**The task**
Copy the lines below, word for word, from the first through the line containing "#530=VECTOR('',#529,65.586);". Leave the pictures out.

Exercise material: Begin

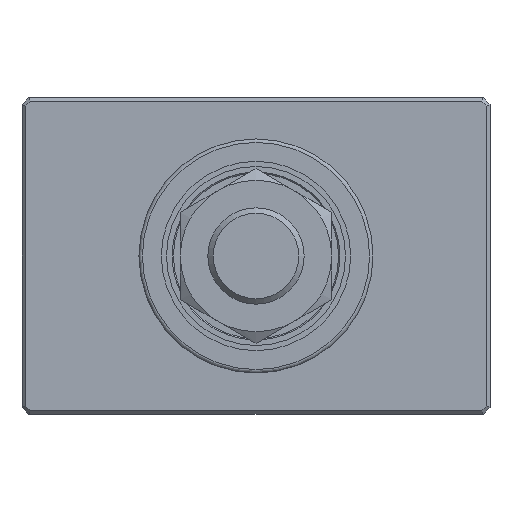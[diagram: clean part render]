
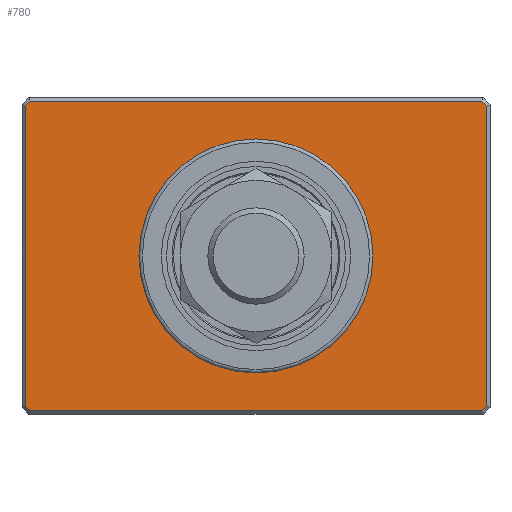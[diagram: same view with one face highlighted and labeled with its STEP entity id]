
A CAD part, front view. The second image highlights one B-rep face of the part: STEP entity #780.
In plain terms, the highlighted planar face has unit normal (0, -1, 0).
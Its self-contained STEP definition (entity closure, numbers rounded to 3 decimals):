
#524=CARTESIAN_POINT('',(32.793,-21.,-22.5));
#525=VERTEX_POINT('',#524);
#526=CARTESIAN_POINT('',(-32.793,-21.,-22.5));
#527=VERTEX_POINT('',#526);
#528=CARTESIAN_POINT('',(32.793,-21.,-22.5));
#529=DIRECTION('',(-1.0,0.0,0.0));
#530=VECTOR('',#529,65.586);
#531=LINE('',#528,#530);
#532=EDGE_CURVE('',#525,#527,#531,.T.);
#564=CARTESIAN_POINT('',(-33.5,-21.,-21.793));
#565=VERTEX_POINT('',#564);
#566=CARTESIAN_POINT('',(-32.793,-21.,-22.5));
#567=DIRECTION('',(-0.707,0.0,0.707));
#568=VECTOR('',#567,1.);
#569=LINE('',#566,#568);
#570=EDGE_CURVE('',#527,#565,#569,.T.);
#602=CARTESIAN_POINT('',(-33.5,-21.,21.793));
#603=VERTEX_POINT('',#602);
#604=CARTESIAN_POINT('',(-33.5,-21.,-21.793));
#605=DIRECTION('',(0.0,0.0,1.0));
#606=VECTOR('',#605,43.586);
#607=LINE('',#604,#606);
#608=EDGE_CURVE('',#565,#603,#607,.T.);
#624=CARTESIAN_POINT('',(32.793,-21.,22.5));
#625=VERTEX_POINT('',#624);
#626=CARTESIAN_POINT('',(33.5,-21.,21.793));
#627=VERTEX_POINT('',#626);
#628=CARTESIAN_POINT('',(32.793,-21.,22.5));
#629=DIRECTION('',(0.707,0.0,-0.707));
#630=VECTOR('',#629,1.);
#631=LINE('',#628,#630);
#632=EDGE_CURVE('',#625,#627,#631,.T.);
#655=CARTESIAN_POINT('',(-32.793,-21.,22.5));
#656=VERTEX_POINT('',#655);
#657=CARTESIAN_POINT('',(-32.793,-21.,22.5));
#658=DIRECTION('',(1.0,0.0,0.0));
#659=VECTOR('',#658,65.586);
#660=LINE('',#657,#659);
#661=EDGE_CURVE('',#656,#625,#660,.T.);
#679=CARTESIAN_POINT('',(-33.5,-21.,21.793));
#680=DIRECTION('',(0.707,0.0,0.707));
#681=VECTOR('',#680,1.);
#682=LINE('',#679,#681);
#683=EDGE_CURVE('',#603,#656,#682,.T.);
#698=CARTESIAN_POINT('',(33.5,-21.,-21.793));
#699=VERTEX_POINT('',#698);
#700=CARTESIAN_POINT('',(33.5,-21.,21.793));
#701=DIRECTION('',(0.0,0.0,-1.0));
#702=VECTOR('',#701,43.586);
#703=LINE('',#700,#702);
#704=EDGE_CURVE('',#627,#699,#703,.T.);
#720=CARTESIAN_POINT('',(33.5,-21.,-21.793));
#721=DIRECTION('',(-0.707,0.0,-0.707));
#722=VECTOR('',#721,1.);
#723=LINE('',#720,#722);
#724=EDGE_CURVE('',#699,#525,#723,.T.);
#754=CARTESIAN_POINT('',(0.0,-21.,-23.));
#755=DIRECTION('',(0.0,-1.0,0.0));
#756=DIRECTION('',(0.0,0.0,-1.0));
#757=AXIS2_PLACEMENT_3D('',#754,#755,#756);
#758=PLANE('',#757);
#759=ORIENTED_EDGE('',*,*,#632,.F.);
#760=ORIENTED_EDGE('',*,*,#661,.F.);
#761=ORIENTED_EDGE('',*,*,#683,.F.);
#762=ORIENTED_EDGE('',*,*,#608,.F.);
#763=ORIENTED_EDGE('',*,*,#570,.F.);
#764=ORIENTED_EDGE('',*,*,#532,.F.);
#765=ORIENTED_EDGE('',*,*,#724,.F.);
#766=ORIENTED_EDGE('',*,*,#704,.F.);
#767=EDGE_LOOP('',(#759,#760,#761,#762,#763,#764,#765,#766));
#768=FACE_OUTER_BOUND('',#767,.T.);
#769=CARTESIAN_POINT('',(0.0,-21.,17.0));
#770=VERTEX_POINT('',#769);
#771=CARTESIAN_POINT('',(0.0,-21.,0.0));
#772=DIRECTION('',(0.0,1.0,0.0));
#773=DIRECTION('',(0.0,0.0,1.0));
#774=AXIS2_PLACEMENT_3D('',#771,#772,#773);
#775=CIRCLE('',#774,17.0);
#776=EDGE_CURVE('',#770,#770,#775,.T.);
#777=ORIENTED_EDGE('',*,*,#776,.T.);
#778=EDGE_LOOP('',(#777));
#779=FACE_BOUND('',#778,.T.);
#780=ADVANCED_FACE('',(#768,#779),#758,.T.);

Exercise material: End

**Written answer**
[diagram: clean part render]
[diagram: same view with one face highlighted and labeled with its STEP entity id]
A CAD part, front view. The second image highlights one B-rep face of the part: STEP entity #780.
In plain terms, the highlighted planar face has unit normal (0, -1, 0).
Its self-contained STEP definition (entity closure, numbers rounded to 3 decimals):
#524=CARTESIAN_POINT('',(32.793,-21.,-22.5));
#525=VERTEX_POINT('',#524);
#526=CARTESIAN_POINT('',(-32.793,-21.,-22.5));
#527=VERTEX_POINT('',#526);
#528=CARTESIAN_POINT('',(32.793,-21.,-22.5));
#529=DIRECTION('',(-1.0,0.0,0.0));
#530=VECTOR('',#529,65.586);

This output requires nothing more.